Comparison of three approaches for the Natural Language Processing task WiC.
An explanation regarding task and tested models can be found in the report.pdf file.
I developed this code on an Ubuntu 20.04.2 LTS machine.
Unless otherwise stated, all commands here are expected to be run from the root directory of this project.
To run test.sh, we need to perform two additional steps:
- Install Docker
- Setup a client
test.sh essentially setups a server exposing the model through a REST Api and then queries this server, evaluating the model. So first, you need to install Docker:
curl -fsSL get.docker.com -o get-docker.sh
sudo sh get-docker.sh
rm get-docker.sh
sudo usermod -aG docker $USER
Unfortunately, for the latter command to have effect, you need to logout and re-login. Do it before proceeding.

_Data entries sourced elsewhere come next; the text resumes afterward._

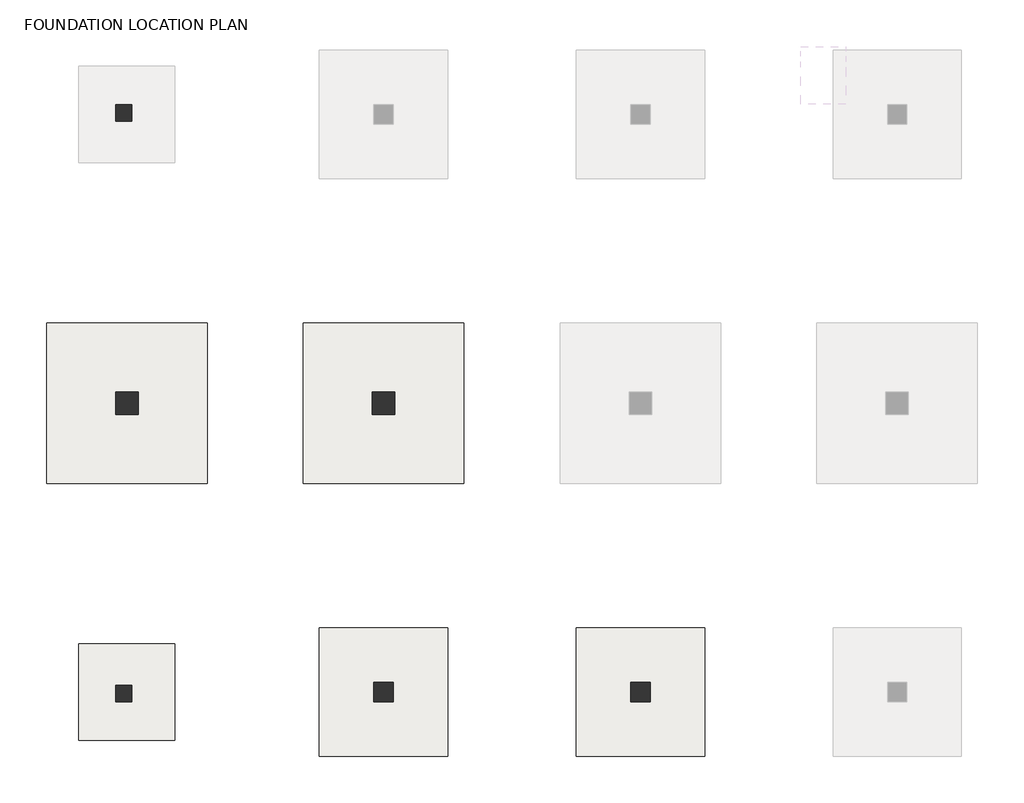
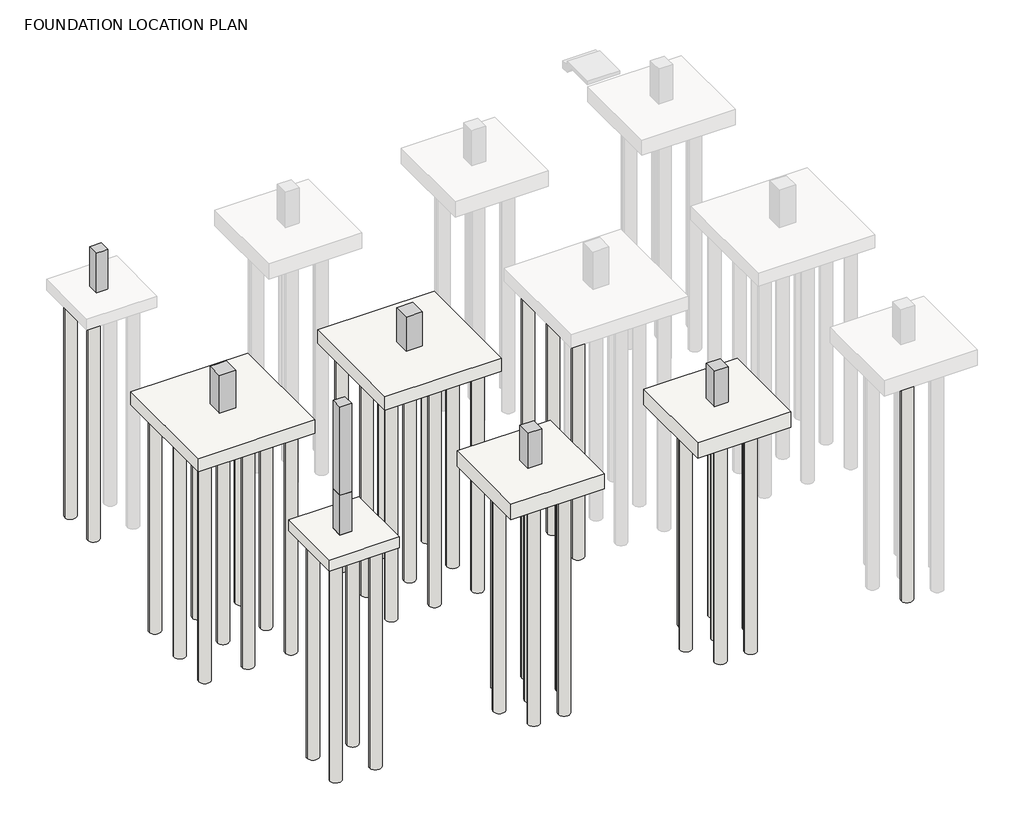
# One storey, part 1 of 3: 47 slabs, 7 columns.
"""IFC4 building model written with IfcOpenShell, lengths in millimetres."""

from ifc_helpers import new_model, si_unit, point, frame, frame_2d, origin, place, context, project, spatial, polyline, circle_curve, trimmed, segment, composite_curve, outline, extrude, faceted_brep, element, save

model = new_model("IFC4")

# Units and contexts
model_context = context("Model", 3, world=origin())
ifc_project = project(units=[si_unit("LENGTHUNIT", "METRE", prefix="MILLI")], contexts=[model_context])

# Site, building, storey
site = spatial("IfcSite", under=ifc_project)
building = spatial("IfcBuilding", under=site)
storey = spatial("IfcBuildingStorey", under=building, Name="FOUNDATION LOCATION PLAN", Elevation=-1699.994759)

# Columns
placement = place(None, origin())
element("IfcColumn", 1, ObjectType="Concrete-Rectangular-Column_R1 : CLS113_RC COLUMN_AG_C1", at=placement, inside=storey, context=model_context, shape_type="Brep", body=[
    faceted_brep([(-350.0, 21199.5208589, -1699.994759), (150.0, 21199.5208589, -1699.994759), (150.0, 20699.5208589, -1699.994759), (-350.0, 20699.5208589, -1699.994759), (150.0, 21199.5208589, -1199.994759), (-350.0, 21199.5208589, -1199.994759), (-350.0, 20699.5208589, -1199.994759), (150.0, 20699.5208589, -1199.994759)], [[[0, 1, 2, 3]], [[4, 5, 6, 7]], [[1, 0, 5, 4]], [[2, 1, 4, 7]], [[3, 2, 7, 6]], [[0, 3, 6, 5]]]),
    faceted_brep([(-350.0, 21199.5208589, 4600.005241), (150.0, 21199.5208589, 4600.005241), (150.0, 21199.5208589, 600.005241), (-99.0, 21199.5208589, 600.005241), (-350.0, 21199.5208589, 600.005241), (-350.0, 21199.5208589, 3950.005241), (-350.0, 21199.5208589, 4550.005241), (150.0, 20699.5208589, 4600.005241), (150.0, 20699.5208589, 4550.005241), (150.0, 20699.5208589, 3950.005241), (150.0, 20699.5208589, 600.005241), (150.0, 20950.5208589, 600.005241), (-350.0, 20699.5208589, 4600.005241), (-350.0, 20699.5208589, 4550.005241), (-350.0, 20699.5208589, 3950.005241), (-350.0, 20699.5208589, 600.005241)], [[[0, 1, 2, 3, 4, 5, 6]], [[1, 7, 8, 9, 10, 11, 2]], [[7, 12, 13, 14, 15, 10, 9, 8]], [[12, 0, 6, 5, 4, 15, 14, 13]], [[1, 0, 12, 7]], [[4, 3, 2, 11, 10, 15]]]),
])
element("IfcColumn", 2, ObjectType="Concrete-Rectangular-Column_R1 : CLS111_RC COLUMN_UG_C1", at=placement, inside=storey, context=model_context, shape_type="Brep", body=[
    faceted_brep([(-350.0, 21199.5208589, -1199.994759), (150.0, 21199.5208589, -1199.994759), (150.0, 20699.5208589, -1199.994759), (-350.0, 20699.5208589, -1199.994759), (-350.0, 21199.5208589, 450.005241), (-350.0, 21199.5208589, 600.005241), (150.0, 21199.5208589, 600.005241), (150.0, 21199.5208589, 450.005241), (150.0, 20699.5208589, 600.005241), (150.0, 20699.5208589, 450.005241), (-350.0, 20699.5208589, 600.005241)], [[[0, 1, 2, 3]], [[1, 0, 4, 5, 6, 7]], [[2, 1, 7, 6, 8, 9]], [[3, 2, 9, 8, 10]], [[0, 3, 10, 5, 4]], [[6, 5, 10, 8]]]),
])
element("IfcColumn", 3, ObjectType="Concrete-Rectangular-Column_R1 : CLS111_RC COLUMN_UG_C1", at=placement, inside=storey, context=model_context, shape_type="Brep", body=[
    faceted_brep([(-350.0, 39299.5208589, -1199.994759), (150.0, 39299.5208589, -1199.994759), (150.0, 38799.5208589, -1199.994759), (-350.0, 38799.5208589, -1199.994759), (-350.0, 39299.5208589, 600.005241), (150.0, 39299.5208589, 600.005241), (150.0, 38999.7368538, 600.005241), (150.0, 38799.7368538, 600.005241), (150.0, 38799.5208589, 600.005241), (150.0, 38799.5208589, 450.005241), (0.0, 38799.5208589, 600.005241), (-350.0, 38799.5208589, 600.005241), (-350.0, 38799.7368538, 600.005241)], [[[0, 1, 2, 3]], [[1, 0, 4, 5]], [[2, 1, 5, 6, 7, 8, 9]], [[3, 2, 9, 8, 10, 11]], [[0, 3, 11, 12, 4]], [[5, 4, 12, 11, 10, 8, 7, 6]]]),
])
element("IfcColumn", 4, ObjectType="Concrete-Rectangular-Column_R1 : CLS111_RC COLUMN_UG_C3", at=placement, inside=storey, context=model_context, shape_type="Brep", body=[
    faceted_brep([(-350.0, 30349.5208589, -1099.994759), (350.0, 30349.5208589, -1099.994759), (350.0, 29649.5208589, -1099.994759), (-350.0, 29649.5208589, -1099.994759), (-350.0, 30349.5208589, 600.005241), (0.0, 30349.5208589, 600.005241), (350.0, 30349.5208589, 600.005241), (350.0, 30349.5208589, 450.005241), (350.0, 29999.5208589, 600.005241), (350.0, 29649.5208589, 600.005241), (-99.0, 29649.5208589, 600.005241), (-350.0, 29649.5208589, 600.005241)], [[[0, 1, 2, 3]], [[1, 0, 4, 5, 6, 7]], [[2, 1, 7, 6, 8, 9]], [[3, 2, 9, 10, 11]], [[0, 3, 11, 4]], [[11, 10, 9, 8, 6, 5, 4]]]),
])
element("IfcColumn", 5, ObjectType="Concrete-Rectangular-Column_R1 : CLS111_RC COLUMN_UG_C3", at=placement, inside=storey, context=model_context, shape_type="SweptSolid", body=[
    extrude(outline(polyline([(7650.0, 30349.5208589), (8350.0, 30349.5208589), (8350.0, 29649.5208589), (7650.0, 29649.5208589), (7650.0, 30349.5208589)])), frame((0.0, 0.0, -1099.994759), z_axis=(0.0, 0.0, 1.0), x_axis=(1.0, 0.0, 0.0)), (0.0, 0.0, 1.0), 1550.0),
])
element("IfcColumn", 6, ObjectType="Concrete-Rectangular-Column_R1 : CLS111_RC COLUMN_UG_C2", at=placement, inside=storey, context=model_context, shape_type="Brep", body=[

The model will be exposed through a REST server. In order to call it, we need a client. The client has been written in the evaluation script, but it needs some dependencies to run. We will be using conda to create the environment for this client.
conda create -n nlp2021-hw1 python=3.7
conda activate nlp2021-hw1
pip install -r requirements.txt
test.sh is a simple bash script. To run it:
conda activate nlp2021-hw1
bash test.sh data/dev.jsonl
Actually, you can replace data/dev.jsonl to point to a different file, as far as the target file has the same format.
The StudentModel class takes as input two parameters. One is the device, the other one has as default value "SE": the best model is tested. The other two possible parameter values are "IDF-AVG" and "SIF", that can be used in order to test the other two implemented models. In the stud folder there are the corresponding three ipython notebooks containing the three training codes.
In order to be able to run the code with the "SE" model, it is necessary to download the glove.840B.300d vectors (they are needed also for the other two models) and the model and put them in the model/ folder.